[Dataset items]
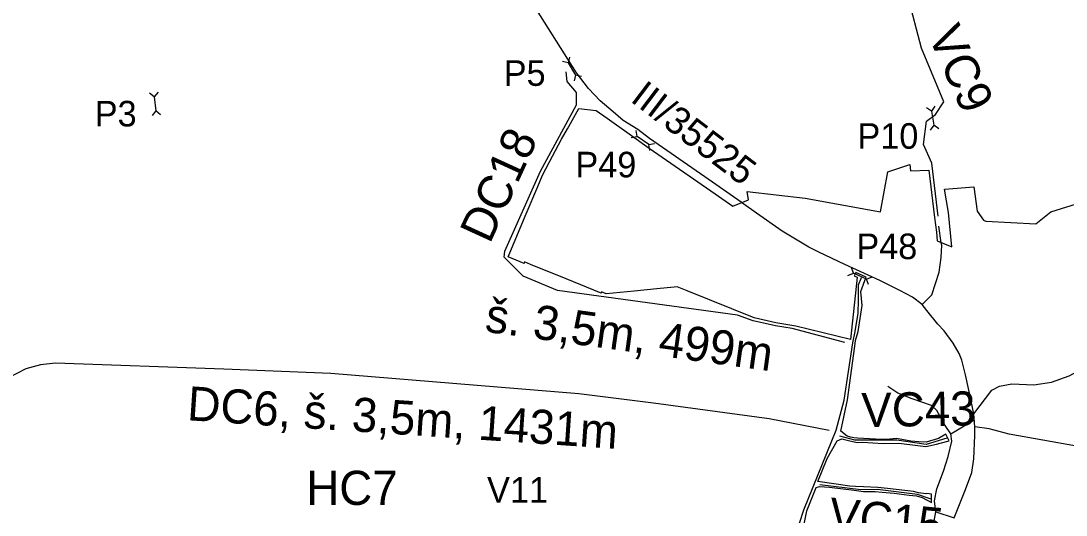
# Model space of a CAD drawing. Extents: x -638669 to -632369, y -1091026 to -1088056.
# Drawn here: x -636112 to -635193, y -1089141 to -1088706 of the extents above; entities that cross this region are included whole.
import ezdxf

# ---------------------------------------------------------------- set-up
doc = ezdxf.new("R2010")
doc.units = 0
for name, color, linetype in [('01_DOPRAVA', 7, 'Continuous'), ('01_DOPRAVA_MIMO_OBVOD', 7, 'Continuous'), ('01_OBVOD PÚ', 7, 'Continuous'), ('03_PC_NÁVRH', 7, 'Continuous'), ('03_PC_OBJEKTY_NÁVRH', 7, 'Continuous'), ('03_PC_OBJEKTY_STAV', 7, 'Continuous'), ('03_PC_POPIS_NÁVRH', 7, 'Continuous'), ('03_PC_POPIS_STAV', 7, 'Continuous'), ('03_PC_STAV', 7, 'Continuous')]:
    doc.layers.add(name, color=color, linetype=linetype)

msp = doc.modelspace()

# ---------------------------------------------------------------- linework, layer by layer
at = {"layer": '01_DOPRAVA'}
for points in [[(-635644.66, -1088718.58), (-635665.58, -1088684.91), (-635674.3, -1088665.29), (-635680.03, -1088638.99), (-635693.11, -1088583.35), (-635700.34, -1088549.68), (-635708.54, -1088514.84), (-635709.97, -1088510.03)], [(-635478.23, -1088866.19), (-635478.71, -1088865.85), (-635510.61, -1088843.52), (-635559.33, -1088809.76), (-635569.65, -1088801.76), (-635582.36, -1088793.88), (-635591.28, -1088786.39), (-635602.56, -1088776.58), (-635612.94, -1088765.82), (-635623.33, -1088751.99), (-635644.66, -1088718.58)], [(-635302.67, -1088901.38), (-635304.79, -1088886.79)]]:
    msp.add_lwpolyline(points, dxfattribs=at)
at = {"layer": '01_DOPRAVA_MIMO_OBVOD'}
for points in [[(-635291.33, -1089143.24), (-635281.53, -1089118.45), (-635275.76, -1089103.47), (-635273.99, -1089091.46), (-635273.18, -1089070.9), (-635273.18, -1089063.45), (-635274.09, -1089051.83), (-635278.86, -1089029.62), (-635281.31, -1089017.61), (-635284.6, -1089004.63), (-635287.12, -1088998.89), (-635292.13, -1088989.85), (-635300.32, -1088979.01), (-635305.81, -1088973), (-635315.3, -1088961.05), (-635319.43, -1088955.73), (-635328.1, -1088949.4), (-635339.09, -1088943.42), (-635356.73, -1088934.6), (-635387.5, -1088920.52), (-635410.49, -1088909.59), (-635419.19, -1088905.26), (-635442.61, -1088891.38), (-635465.19, -1088875.48), (-635478.23, -1088866.19)], [(-635319.43, -1088955.73), (-635311.13, -1088947.31), (-635304.64, -1088927.34), (-635302.92, -1088914.37), (-635302.33, -1088903.69), (-635302.67, -1088901.38)], [(-635274.09, -1089051.83), (-635258.33, -1089031.16), (-635251.47, -1089027.62), (-635240.71, -1089025.61), (-635221.23, -1089026.26), (-635205.73, -1089024.13), (-635190.13, -1089018.41), (-635176.86, -1089011.04), (-635164.81, -1089001.81), (-635156.09, -1088993.24), (-635156.01, -1088993.12)], [(-635294.21, -1089069.4), (-635299.21, -1089062.14), (-635306.66, -1089048.94), (-635311.32, -1089044.61), (-635328.18, -1089038.64), (-635340.93, -1089033.8), (-635349.77, -1089027.84)], [(-635307.37, -1089138.23), (-635308.66, -1089128.55), (-635306.52, -1089117.89), (-635300.88, -1089102.45), (-635296.56, -1089089.37), (-635293.4, -1089075.96), (-635294.21, -1089069.4), (-635273.66, -1089057.3)], [(-635145.56, -1089082.78), (-635169.21, -1089082.73), (-635183.95, -1089080.47), (-635243.03, -1089069.9), (-635260.61, -1089065.14), (-635273.18, -1089063.45)], [(-635338.07, -1089252.85), (-635335.26, -1089238.13), (-635335.41, -1089227.97), (-635332.77, -1089214.03), (-635328.47, -1089200.51), (-635317.9, -1089179.19), (-635314.6, -1089170.56), (-635310.08, -1089152.59), (-635307.37, -1089138.23), (-635291.33, -1089143.24)]]:
    msp.add_lwpolyline(points, dxfattribs=at)
at = {"layer": '01_OBVOD PÚ'}
msp.add_lwpolyline([(-635426.92, -1089166.93), (-635420.92, -1089137.3), (-635412.69, -1089116.75), (-635409.74, -1089115.9), (-635401.11, -1089116.43), (-635379.29, -1089119.09), (-635371.05, -1089120.1), (-635360.9, -1089120.25), (-635354.71, -1089120.84), (-635344.13, -1089121.62), (-635330.91, -1089123.51), (-635324.56, -1089124.1), (-635319.45, -1089125.46), (-635311.18, -1089129.84), (-635311.31, -1089122.66), (-635313.23, -1089122.32), (-635315.71, -1089121.92), (-635316.31, -1089122.4), (-635322.65, -1089121.39), (-635327.26, -1089120.31), (-635349.94, -1089117.72), (-635358.63, -1089116.73), (-635371.04, -1089116.17), (-635378.09, -1089115.85), (-635383.25, -1089115.49), (-635411.38, -1089111.54), (-635402.9, -1089091.33), (-635394.3, -1089075.77), (-635390.24, -1089073.88), (-635384.18, -1089075.32), (-635376.54, -1089077.13), (-635371.84, -1089076.96), (-635353.75, -1089077.9), (-635340.18, -1089077.61), (-635323.29, -1089079.74), (-635316.25, -1089080.62), (-635306.86, -1089078.63), (-635303.6, -1089077.73), (-635295.64, -1089075.55), (-635298.64, -1089069.81), (-635305.27, -1089073.56), (-635315.88, -1089076.79), (-635322.39, -1089076.54), (-635329.42, -1089075.89), (-635341.99, -1089073.71), (-635350.84, -1089074.53), (-635355.38, -1089074.38), (-635376.39, -1089073.41), (-635379.59, -1089073.05), (-635382.56, -1089072.41), (-635385.51, -1089071.48), (-635391.17, -1089067.12), (-635385.06, -1089039.5), (-635378.75, -1088992.32), (-635378.08, -1088987.33), (-635375.83, -1088979.61), (-635372.22, -1088956.67), (-635373.37, -1088944.35), (-635369.95, -1088934.7), (-635368.8, -1088931.63), (-635377.78, -1088927.53), (-635379.28, -1088930.46), (-635376.55, -1088931.71), (-635382.41, -1088986.58), (-635430.69, -1088974.75), (-635448.2, -1088971.89), (-635467.36, -1088967.38), (-635526.12, -1088943.83), (-635534.98, -1088940.28), (-635537.46, -1088940.48), (-635552.7, -1088941.96), (-635572.59, -1088943.89), (-635597.21, -1088946.28), (-635601.37, -1088944.58), (-635601.82, -1088945.69), (-635632.55, -1088933.25), (-635663.85, -1088920.58), (-635669.13, -1088918.22), (-635669.47, -1088919.73), (-635683.6, -1088913.78), (-635678.26, -1088901.16), (-635672.92, -1088888.54), (-635667.69, -1088876.16), (-635657.41, -1088851.85), (-635653.23, -1088841.98), (-635644.46, -1088825.42), (-635636.55, -1088810.49), (-635631.43, -1088801.39), (-635630.22, -1088799.23), (-635621.38, -1088783.51), (-635606.09, -1088785.18), (-635596.56, -1088792.01), (-635577.16, -1088805.79), (-635559.56, -1088818.16), (-635501.46, -1088858.56), (-635486.01, -1088869.3), (-635472.31, -1088863.82), (-635473.26, -1088856.28), (-635422.33, -1088862.1), (-635356.23, -1088874.39), (-635349.74, -1088839.03), (-635330.3, -1088832.56), (-635329.77, -1088838.1), (-635313.7, -1088837.72), (-635308.78, -1088879.13), (-635306.93, -1088892.22), (-635306.36, -1088899.9), (-635293.39, -1088905.1), (-635296.45, -1088874.7), (-635299.78, -1088854.26), (-635274.21, -1088852.38), (-635271.17, -1088873.6), (-635265.61, -1088881.69), (-635263.41, -1088882.51), (-635219.71, -1088884.85), (-635206.48, -1088874.38), (-635179.11, -1088865.65)], dxfattribs=at)
at = {"layer": '03_PC_NÁVRH'}
for points in [[(-635548.27, -1089483.24), (-635540.38, -1089456.77), (-635533.44, -1089442.45), (-635516.92, -1089414.03), (-635511.3, -1089401.47), (-635501.57, -1089371.31), (-635494.01, -1089341.69), (-635489.33, -1089317.95), (-635484.41, -1089308.94), (-635479.38, -1089302.71), (-635457.02, -1089283.85), (-635450.2, -1089272.94), (-635445.04, -1089242.94), (-635427.35, -1089147.99), (-635423.68, -1089136.34), (-635395.14, -1089066.39), (-635387.97, -1089039.81), (-635380.37, -1088989.45), (-635378.51, -1088979.5), (-635375.81, -1088963.45), (-635375.41, -1088952.35), (-635375.42, -1088938.55), (-635372.9, -1088932.07)], [(-635297.96, -1089073.28), (-635316.05, -1089078.74), (-635341.9, -1089075.19), (-635378.69, -1089075.05), (-635392.05, -1089071.41)], [(-635311.72, -1089126.86), (-635323.56, -1089122.98), (-635358.79, -1089118.46), (-635373.55, -1089118.83), (-635409.58, -1089114.49)]]:
    msp.add_lwpolyline(points, dxfattribs=at)
at = {"layer": '03_PC_OBJEKTY_NÁVRH'}
for points in [[(-635384.84, -1088930.13), (-635379.88, -1088928.24), (-635381.77, -1088923.29)], [(-635368.48, -1088933.35), (-635379.88, -1088928.24)], [(-635366.59, -1088938.31), (-635368.48, -1088933.35), (-635363.52, -1088931.46)]]:
    msp.add_lwpolyline(points, dxfattribs=at)
at = {"layer": '03_PC_OBJEKTY_STAV'}
for points in [[(-635629.45, -1088738.14), (-635630.71, -1088743.29), (-635635.86, -1088742.03)], [(-635630.71, -1088743.29), (-635624.22, -1088753.97)], [(-635619.06, -1088755.23), (-635624.22, -1088753.97), (-635625.47, -1088759.12)], [(-635991.32, -1088768.96), (-635994.65, -1088773.09), (-635998.78, -1088769.77)], [(-635994.65, -1088773.09), (-635993.3, -1088785.52)], [(-635308.34, -1088781.45), (-635311.41, -1088785.77), (-635315.74, -1088782.71)], [(-635989.17, -1088788.85), (-635993.3, -1088785.52), (-635996.63, -1088789.65)], [(-635311.41, -1088785.77), (-635309.31, -1088798.09)], [(-635575.4, -1088808.8), (-635570.17, -1088807.9), (-635571.07, -1088802.67)], [(-635304.98, -1088801.16), (-635309.31, -1088798.09), (-635312.38, -1088802.42)], [(-635559.95, -1088815.1), (-635570.17, -1088807.9)], [(-635559.05, -1088820.33), (-635559.95, -1088815.1), (-635554.73, -1088814.2)]]:
    msp.add_lwpolyline(points, dxfattribs=at)
at = {"layer": '03_PC_STAV'}
for points in [[(-635305.52, -1088878.04), (-635311.02, -1088831.43), (-635318.27, -1088815.03), (-635315.85, -1088794.53), (-635307.76, -1088788.74), (-635300.37, -1088777.56), (-635320.14, -1088730.38), (-635332.25, -1088684.22)], [(-635387.45, -1088989.27), (-635433.89, -1088976.97), (-635448.48, -1088974.6), (-635468.24, -1088970.05), (-635481.79, -1088965.04), (-635640.15, -1088943.51), (-635670.28, -1088930.72), (-635687.17, -1088914.25), (-635686.33, -1088908.91), (-635655.19, -1088838.56), (-635623.29, -1088780.2), (-635623.42, -1088769.39), (-635631.5, -1088759.72), (-635632.55, -1088751.14)], [(-635401.37, -1089066.59), (-635454.01, -1089056.2), (-635555.74, -1089042.48), (-635621.42, -1089034.32), (-635839.32, -1089016.44), (-635933.43, -1089012.67), (-636081.59, -1089007.37), (-636094.69, -1089008.96), (-636107.45, -1089012.46), (-636131.51, -1089024.59), (-636151.75, -1089030.3), (-636818.33, -1089074.64)]]:
    msp.add_lwpolyline(points, dxfattribs=at)

# ---------------------------------------------------------------- texts
at = {"layer": '01_DOPRAVA'}
msp.add_text('III/35525', height=24, rotation=322.81591, dxfattribs=at).set_placement((-635576.94, -1088776.62))
at = {"layer": '03_PC_OBJEKTY_NÁVRH'}
for s, p in [('P48', (-635377.36, -1088915.87)), ('V11', (-635702.05, -1089130.09))]:
    msp.add_text(s, height=22.5, dxfattribs=at).set_placement(p)
at = {"layer": '03_PC_OBJEKTY_STAV'}
for s, p in [('P5', (-635687.41, -1088763.46)), ('P3', (-636046.97, -1088799.16)), ('P10', (-635376.39, -1088818.8)), ('P49', (-635624.38, -1088843.96))]:
    msp.add_text(s, height=22.5, dxfattribs=at).set_placement(p)
at = {"layer": '03_PC_POPIS_NÁVRH'}
for s, rotation, p in [('VC43', 0.89108, (-635372.76, -1089063.61)), ('VC15', 354.51502, (-635402.46, -1089155.31))]:
    msp.add_text(s, height=30, rotation=rotation, dxfattribs=at).set_placement(p)
msp.add_text('HC7', height=30, dxfattribs=at).set_placement((-635860.96, -1089132))
at = {"layer": '03_PC_POPIS_STAV'}
for s, rotation, p in [('VC9', 294.11196, (-635314.9, -1088718.58)), ('DC18', 65.40139, (-635699.69, -1088903.18)), ('š. 3,5m, 499m', 352.09399, (-635704.74, -1088979.51)), ('DC6, š. 3,5m, 1431m', 356.17615, (-635966.23, -1089057.48))]:
    msp.add_text(s, height=30, rotation=rotation, dxfattribs=at).set_placement(p)

doc.saveas('drawing.dxf')

### WHAT YOU SHOULD DO:
Among the records above, find each line containing the string "drawing" and copy it.

### TASK ANSWER:
# Model space of a CAD drawing. Extents: x -638669 to -632369, y -1091026 to -1088056.
doc.saveas('drawing.dxf')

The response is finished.